Arguably, the first science fiction novelist was a teenage girl called  Mary Shelley.  Almost everyone has read _Frankenstein_.  Much less  widely-read is her apocalyptic novel _The Last Man_, but I would  urge anyone who wants to write an end-of-the-world novel to read it.   It's about a plague.  Shelley's basic themes are salvation (and I use  that word in a humanist sense; as a 19th century widow Shelley was  obliged to pay lip service to Christianity but there's no trace of it in  her fiction); isolation; and loss.  Distinct from her themes, her  _point_ is about the need for political reform.  The characters are  almost incidental.

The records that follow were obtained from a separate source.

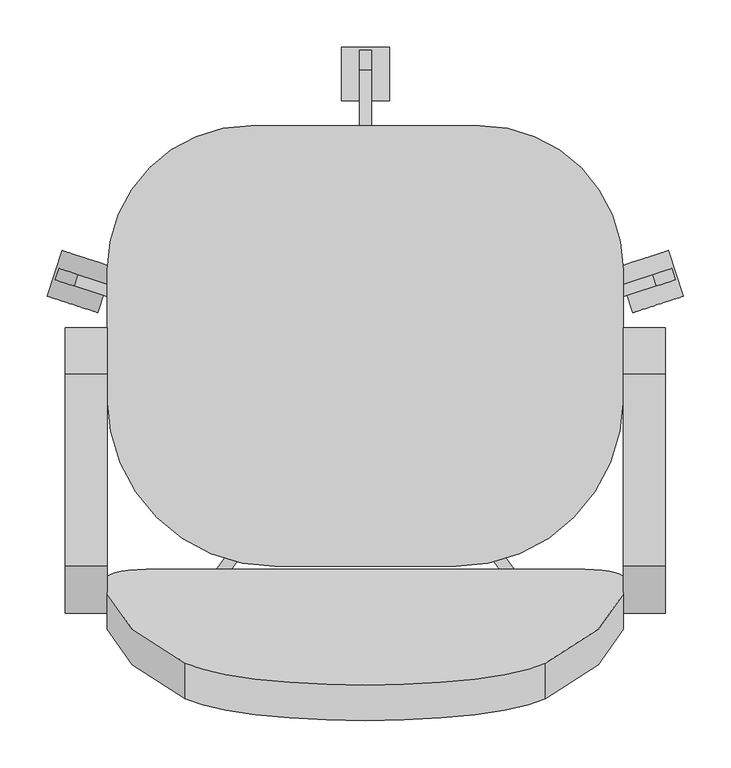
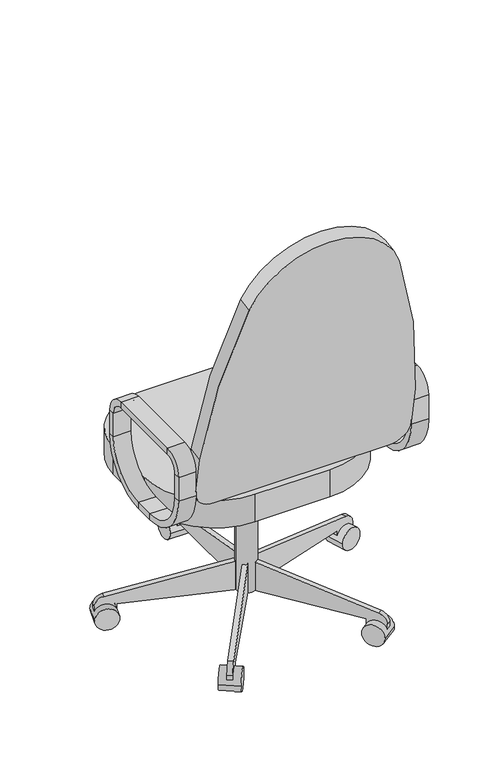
"""IFC4 building model written with IfcOpenShell, lengths in millimetres: furniture geometry, Siège - 01 : Siège - 01."""

from ifc_helpers import new_model, si_unit, point, frame, frame_2d, origin, place, context, project, spatial, polyline, circle_curve, trimmed, segment, composite_curve, outline, extrude, source, transform, mapped, element, save
from ifc_brep_helpers import plane_surface, cylinder_surface, revolved_surface, advanced_brep


def furniture_a395565c(model_context):
    return source(origin(), model_context, "Body", "SolidModel", [
        extrude(outline(composite_curve([segment(trimmed(circle_curve(frame_2d((140.9908197, 18.9459016)), 25.4), [point((115.5908197, 18.9459016))], [point((166.3908197, 18.9459016))], False, "CARTESIAN"), True, "CONTINUOUS"), segment(trimmed(circle_curve(frame_2d((140.9908197, 18.9459016)), 25.4), [point((166.3908197, 18.9459016))], [point((115.5908197, 18.9459016))], False, "CARTESIAN"), True, "CONTINUOUS")], self_intersect=False)), frame((0.0, 0.0, 53.5835944), z_axis=(0.0, 0.0, 1.0), x_axis=(1.0, 0.0, 0.0)), (0.0, 0.0, 1.0), 330.5914056),
        extrude(outline(composite_curve([segment(trimmed(circle_curve(frame_2d((0.0, -28.2002727)), 28.2002727), [point((0.0, -56.4005455))], [point((0.0, 0.0))], False, "CARTESIAN"), True, "CONTINUOUS"), segment(trimmed(circle_curve(frame_2d((0.0, -28.2002727)), 28.2002727), [point((0.0, 0.0))], [point((0.0, -56.4005455))], False, "CARTESIAN"), True, "CONTINUOUS")], self_intersect=False)), frame((323.63931, -275.6612394, 28.1835944), z_axis=(0.8090169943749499, 0.5877852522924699, 0.0), x_axis=(0.0, 0.0, 1.0)), (0.0, 0.0, 1.0), 50.8),
        extrude(outline(composite_curve([segment(polyline([(-25.4, 0.0), (0.0, 0.0), (0.0, -50.8), (-24.303053, -50.8)]), True, "CONTINUOUS"), segment(trimmed(circle_curve(frame_2d((-24.303053, -25.3999999)), 25.4), [point((-24.303053, -50.8))], [point((-49.3171699, -29.8106636))], False, "CARTESIAN"), True, "CONTINUOUS"), segment(polyline([(-49.3171699, -29.8106636), (-101.6, 266.7), (-101.6, 292.1), (-25.4, 292.1), (-25.4, 0.0)]), True, "CONTINUOUS")], self_intersect=False)), frame((307.545634, -221.1003988, 28.1835944), z_axis=(0.8090169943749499, 0.5877852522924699, 0.0), x_axis=(0.0, 0.0, -1.0)), (0.0, 0.0, 1.0), 12.7),
        extrude(outline(composite_curve([segment(trimmed(circle_curve(frame_2d((0.0, -28.2002727)), 28.2002727), [point((0.0, -56.4005455))], [point((0.0, 0.0))], False, "CARTESIAN"), True, "CONTINUOUS"), segment(trimmed(circle_curve(frame_2d((0.0, -28.2002727)), 28.2002727), [point((0.0, 0.0))], [point((0.0, -56.4005455))], False, "CARTESIAN"), True, "CONTINUOUS")], self_intersect=False)), frame((-41.6576707, -275.6612394, 28.1835944), z_axis=(-0.8090169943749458, 0.5877852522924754, 0.0), x_axis=(0.0, 0.0, -1.0)), (0.0, 0.0, 1.0), 50.8),
        extrude(outline(composite_curve([segment(polyline([(25.4, 0.0), (25.4, 292.1), (101.6, 292.1), (101.6, 266.7), (49.3171699, -29.8106637)]), True, "CONTINUOUS"), segment(trimmed(circle_curve(frame_2d((24.303053, -25.3999999)), 25.4), [point((49.3171699, -29.8106637))], [point((24.303053, -50.8))], False, "CARTESIAN"), True, "CONTINUOUS"), segment(polyline([(24.303053, -50.8), (0.0, -50.8), (0.0, 0.0), (25.4, 0.0)]), True, "CONTINUOUS")], self_intersect=False)), frame((-25.5639946, -221.1003988, 28.1835944), z_axis=(-0.8090169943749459, 0.5877852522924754, 0.0), x_axis=(0.0, 0.0, 1.0)), (0.0, 0.0, 1.0), 12.7),
        extrude(outline(polyline([(69.7459016, 383.7835944), (69.7459016, 371.0835944), (18.9459016, 283.0954134), (-19.1540984, 283.0954134), (-19.1540984, 383.7835944), (69.7459016, 383.7835944)])), frame((90.1908197, 0.0, 0.0), z_axis=(1.0, 0.0, 0.0), x_axis=(0.0, 1.0, 0.0)), (0.0, 0.0, 1.0), 101.6),
        advanced_brep(
        [(-176.5091803, -217.7873012, 546.1), (-176.5091803, -108.0540984, 436.3667972), (-176.5091803, -108.0540984, 420.4917972), (-176.5091803, -233.6623012, 546.1), (-132.0591803, -217.7873012, 546.1), (-132.0591803, -108.0540984, 436.3667972), (-132.0591803, -233.6623012, 546.1), (-132.0591803, -108.0540984, 420.4917972), (-176.5091803, -233.6623012, 609.6), (-176.5091803, -217.7873012, 609.6), (-132.0591803, -217.7873012, 609.6), (-132.0591803, -233.6623012, 609.6), (-176.5091803, -184.2540984, 643.1332028), (-176.5091803, -184.2540984, 659.0082028), (-132.0591803, -184.2540984, 643.1332028), (-132.0591803, -184.2540984, 659.0082028), (-176.5091803, 18.9459016, 659.0082028), (-176.5091803, 18.9459016, 643.1332028), (-132.0591803, 18.9459016, 643.1332028), (-132.0591803, 18.9459016, 659.0082028), (-176.5091803, 52.4791044, 609.6), (-176.5091803, 68.3541044, 609.6), (-132.0591803, 52.4791044, 609.6), (-132.0591803, 68.3541044, 609.6), (-176.5091803, 68.3541044, 546.1), (-176.5091803, 52.4791044, 546.1), (-132.0591803, 52.4791044, 546.1), (-132.0591803, 68.3541044, 546.1), (-176.5091803, -57.2540984, 436.3667972), (-176.5091803, -57.2540984, 420.4917972), (-132.0591803, -57.2540984, 436.3667972), (-132.0591803, -57.2540984, 420.4917972)],
        [
            (0, 1, circle_curve(frame((-176.5091803, -108.0540984, 546.1), z_axis=(1.0, 0.0, 0.0), x_axis=(0.0, 0.0, -1.0)), 109.7332028)),
            (1, 2),
            (2, 3, circle_curve(frame((-176.5091803, -108.0540984, 546.1), z_axis=(-1.0, 0.0, 0.0), x_axis=(0.0, 0.0, -1.0)), 125.6082028)),
            (3, 0),
            (4, 5, circle_curve(frame((-132.0591803, -108.0540984, 546.1), z_axis=(1.0, 0.0, 0.0), x_axis=(0.0, 0.0, -1.0)), 109.7332028)),
            (5, 1),
            (0, 4),
            (6, 7, circle_curve(frame((-132.0591803, -108.0540984, 546.1), z_axis=(1.0, 0.0, 0.0), x_axis=(0.0, 0.0, -1.0)), 125.6082028)),
            (7, 5),
            (4, 6),
            (2, 7),
            (6, 3),
            (3, 8),
            (8, 9),
            (9, 0),
            (9, 10),
            (10, 4),
            (10, 11),
            (11, 6),
            (11, 8),
            (12, 9, circle_curve(frame((-176.5091803, -184.2540984, 609.6), z_axis=(1.0, 0.0, 0.0), x_axis=(0.0, -1.0, 0.0)), 33.5332028)),
            (8, 13, circle_curve(frame((-176.5091803, -184.2540984, 609.6), z_axis=(-1.0, 0.0, 0.0), x_axis=(0.0, -1.0, 0.0)), 49.4082028)),
            (13, 12),
            (14, 10, circle_curve(frame((-132.0591803, -184.2540984, 609.6), z_axis=(1.0, 0.0, 0.0), x_axis=(0.0, -1.0, 0.0)), 33.5332028)),
            (12, 14),
            (15, 11, circle_curve(frame((-132.0591803, -184.2540984, 609.6), z_axis=(1.0, 0.0, 0.0), x_axis=(0.0, -1.0, 0.0)), 49.4082028)),
            (14, 15),
            (15, 13),
            (13, 16),
            (16, 17),
            (17, 12),
            (17, 18),
            (18, 14),
            (18, 19),
            (19, 15),
            (19, 16),
            (20, 17, circle_curve(frame((-176.5091803, 18.9459016, 609.6), z_axis=(1.0, 0.0, 0.0), x_axis=(0.0, 0.0, 1.0)), 33.5332028)),
            (16, 21, circle_curve(frame((-176.5091803, 18.9459016, 609.6), z_axis=(-1.0, 0.0, 0.0), x_axis=(0.0, 0.0, 1.0)), 49.4082028)),
            (21, 20),
            (22, 18, circle_curve(frame((-132.0591803, 18.9459016, 609.6), z_axis=(1.0, 0.0, 0.0), x_axis=(0.0, 0.0, 1.0)), 33.5332028)),
            (20, 22),
            (23, 19, circle_curve(frame((-132.0591803, 18.9459016, 609.6), z_axis=(1.0, 0.0, 0.0), x_axis=(0.0, 0.0, 1.0)), 49.4082028)),
            (22, 23),
            (23, 21),
            (21, 24),
            (24, 25),
            (25, 20),
            (25, 26),
            (26, 22),
            (26, 27),
            (27, 23),
            (27, 24),
            (28, 25, circle_curve(frame((-176.5091803, -57.2540984, 546.1), z_axis=(1.0, 0.0, 0.0), x_axis=(0.0, 1.0, 0.0)), 109.7332028)),
            (24, 29, circle_curve(frame((-176.5091803, -57.2540984, 546.1), z_axis=(-1.0, 0.0, 0.0), x_axis=(0.0, 1.0, 0.0)), 125.6082028)),
            (29, 28),
            (30, 26, circle_curve(frame((-132.0591803, -57.2540984, 546.1), z_axis=(1.0, 0.0, 0.0), x_axis=(0.0, 1.0, 0.0)), 109.7332028)),
            (28, 30),
            (31, 27, circle_curve(frame((-132.0591803, -57.2540984, 546.1), z_axis=(1.0, 0.0, 0.0), x_axis=(0.0, 1.0, 0.0)), 125.6082028)),
            (30, 31),
            (31, 29),
            (29, 2),
            (1, 28),
            (5, 30),
            (7, 31),
        ],
        [
            plane_surface(frame((-176.5091803, -108.0540984, 546.1), z_axis=(-1.0, 0.0, 0.0), x_axis=(0.0, 0.0, -1.0))),
            revolved_surface(polyline([(-176.5091803, -108.0540984, 436.3667972), (-132.0591803, -108.0540984, 436.3667972)]), (-132.0591803, -108.0540984, 546.1), (-1.0, 0.0, 0.0)),
            plane_surface(frame((-132.0591803, -108.0540984, 546.1), z_axis=(1.0, 0.0, 0.0), x_axis=(0.0, 0.0, -1.0))),
            cylinder_surface(frame((-132.0591803, -108.0540984, 546.1), z_axis=(-1.0, 0.0, 0.0), x_axis=(0.0, 0.0, -1.0)), 125.6082028),
            plane_surface(frame((-176.5091803, -233.6623012, 546.1), z_axis=(-1.0, 0.0, 0.0), x_axis=(0.0, 0.0, 1.0))),
            plane_surface(frame((-176.5091803, -217.7873012, 546.1), z_axis=(0.0, 1.0, 0.0), x_axis=(0.0, 0.0, 1.0))),
            plane_surface(frame((-132.0591803, -217.7873012, 546.1), z_axis=(1.0, 0.0, 0.0), x_axis=(0.0, 0.0, 1.0))),
            plane_surface(frame((-132.0591803, -233.6623012, 546.1), z_axis=(0.0, -1.0, 0.0), x_axis=(0.0, 0.0, 1.0))),
            plane_surface(frame((-176.5091803, -184.2540984, 609.6), z_axis=(-1.0, 0.0, 0.0), x_axis=(0.0, -1.0, 0.0))),
            revolved_surface(polyline([(-176.5091803, -217.7873012, 609.6), (-132.0591803, -217.7873012, 609.6)]), (-132.0591803, -184.2540984, 609.6), (-1.0, 0.0, 0.0)),
            plane_surface(frame((-132.0591803, -184.2540984, 609.6), z_axis=(1.0, 0.0, 0.0), x_axis=(0.0, -1.0, 0.0))),
            cylinder_surface(frame((-132.0591803, -184.2540984, 609.6), z_axis=(-1.0, 0.0, 0.0), x_axis=(0.0, -1.0, 0.0)), 49.4082028),
            plane_surface(frame((-176.5091803, -184.2540984, 659.0082028), z_axis=(-1.0, 0.0, 0.0), x_axis=(0.0, 1.0, 0.0))),
            plane_surface(frame((-176.5091803, -184.2540984, 643.1332028), z_axis=(0.0, 0.0, -1.0), x_axis=(0.0, 1.0, 0.0))),
            plane_surface(frame((-132.0591803, -184.2540984, 643.1332028), z_axis=(1.0, 0.0, 0.0), x_axis=(0.0, 1.0, 0.0))),
            plane_surface(frame((-132.0591803, -184.2540984, 659.0082028), z_axis=(0.0, 0.0, 1.0), x_axis=(0.0, 1.0, 0.0))),
            plane_surface(frame((-176.5091803, 18.9459016, 609.6), z_axis=(-1.0, 0.0, 0.0), x_axis=(0.0, 0.0, 1.0))),
            revolved_surface(polyline([(-176.5091803, 18.9459016, 643.1332028), (-132.0591803, 18.9459016, 643.1332028)]), (-132.0591803, 18.9459016, 609.6), (-1.0, 0.0, 0.0)),
            plane_surface(frame((-132.0591803, 18.9459016, 609.6), z_axis=(1.0, 0.0, 0.0), x_axis=(0.0, 0.0, 1.0))),
            cylinder_surface(frame((-132.0591803, 18.9459016, 609.6), z_axis=(-1.0, 0.0, 0.0), x_axis=(0.0, 0.0, 1.0)), 49.4082028),
            plane_surface(frame((-176.5091803, 68.3541044, 609.6), z_axis=(-1.0, 0.0, 0.0), x_axis=(0.0, 0.0, -1.0))),
            plane_surface(frame((-176.5091803, 52.4791044, 609.6), z_axis=(0.0, -1.0, 0.0), x_axis=(0.0, 0.0, -1.0))),
            plane_surface(frame((-132.0591803, 52.4791044, 609.6), z_axis=(1.0, 0.0, 0.0), x_axis=(0.0, 0.0, -1.0))),
            plane_surface(frame((-132.0591803, 68.3541044, 609.6), z_axis=(0.0, 1.0, 0.0), x_axis=(0.0, 0.0, -1.0))),
            plane_surface(frame((-176.5091803, -57.2540984, 546.1), z_axis=(-1.0, 0.0, 0.0), x_axis=(0.0, 1.0, 0.0))),
            revolved_surface(polyline([(-176.5091803, 52.479104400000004, 546.1), (-132.0591803, 52.479104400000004, 546.1)]), (-132.0591803, -57.2540984, 546.1), (-1.0, 0.0, 0.0)),
            plane_surface(frame((-132.0591803, -57.2540984, 546.1), z_axis=(1.0, 0.0, 0.0), x_axis=(0.0, 1.0, 0.0))),
            cylinder_surface(frame((-132.0591803, -57.2540984, 546.1), z_axis=(-1.0, 0.0, 0.0), x_axis=(0.0, 1.0, 0.0)), 125.6082028),
            plane_surface(frame((-176.5091803, -57.2540984, 420.4917972), z_axis=(-1.0, 0.0, 0.0), x_axis=(0.0, -1.0, 0.0))),
            plane_surface(frame((-176.5091803, -57.2540984, 436.3667972), z_axis=(0.0, 0.0, 1.0), x_axis=(0.0, -1.0, 0.0))),
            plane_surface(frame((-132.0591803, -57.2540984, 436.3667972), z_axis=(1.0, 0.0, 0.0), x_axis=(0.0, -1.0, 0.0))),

But Shelley does have characters.  In the  next important apocalyptic novel, _The War of the Worlds_ by H.G.  Wells, there are none.  There are five cardboard cutouts ---- the  narrator, his brother, his wife, the parson and the artilleryman ----  but none of them even have names.  Their purpose is to be windows onto  the dark future Wells has envisaged.  Its theme of course is invasion.   Distinct from his theme, his _point_ is about colonialisation, in  which Wells imagines what it's like to be attacked by a vastly  technologically superior force, and shows the British Empire as the  victim of what it had so often perpetrated.

There are thousands  of subsequent end-of-the-world novels, most of which aren't actually  about the end of the world.  They're about love and death.  Stephen King  himself does this with _The Stand_ --- the end of the world is a  backdrop, not the subject of the work.  (There are of course important  exceptions that really _are_ about the end of the world, of which  my personal favourite is Niven and Pournelle's criminally underrated  _Lucider's Hammer_.)

You asked:-



Terry D said:


> But what the hell do I have to say about TEOTWAWKI?



If you don't know the answer then don't write a book about the end of the world.  Write a book about love and death with the end of the world happening in the background.


----------



## H.Brown (Jul 10, 2017)

I have never really thought of themes when I write. Focusing on the main plot and the sub plots, the characters and settings. But after your question I thought over my WIP as a whole and realised the themes had wrote themselves into my story. So maybe just write and see what happens.


----------



## Terry D (Jul 11, 2017)

Non Serviam said:


> There are thousands  of subsequent end-of-the-world novels, most of which aren't actually  about the end of the world.  They're about love and death.  Stephen King  himself does this with _The Stand_ --- the end of the world is a  backdrop, not the subject of the work.  (There are of course important  exceptions that really _are_ about the end of the world, of which  my personal favourite is Niven and Pournelle's criminally underrated  _Lucider's Hammer_.)
> 
> You asked:-
> 
> ...



_Lucifer's Hammer_ is a great book, and I'll probably re-read it before starting on my book (I'm currently re-reading _The Stand_ [the full, 1200 page un-cut version]). I might also pull Robert R McCammon's, _Swan Song_ off the shelf too. Your point about writing a story about love and death is a solid one.



H.Brown said:


> I have never really thought of themes when I write. Focusing on the main plot and the sub plots, the characters and settings. But after your question I thought over my WIP as a whole and realised the themes had wrote themselves into my story. So maybe just write and see what happens.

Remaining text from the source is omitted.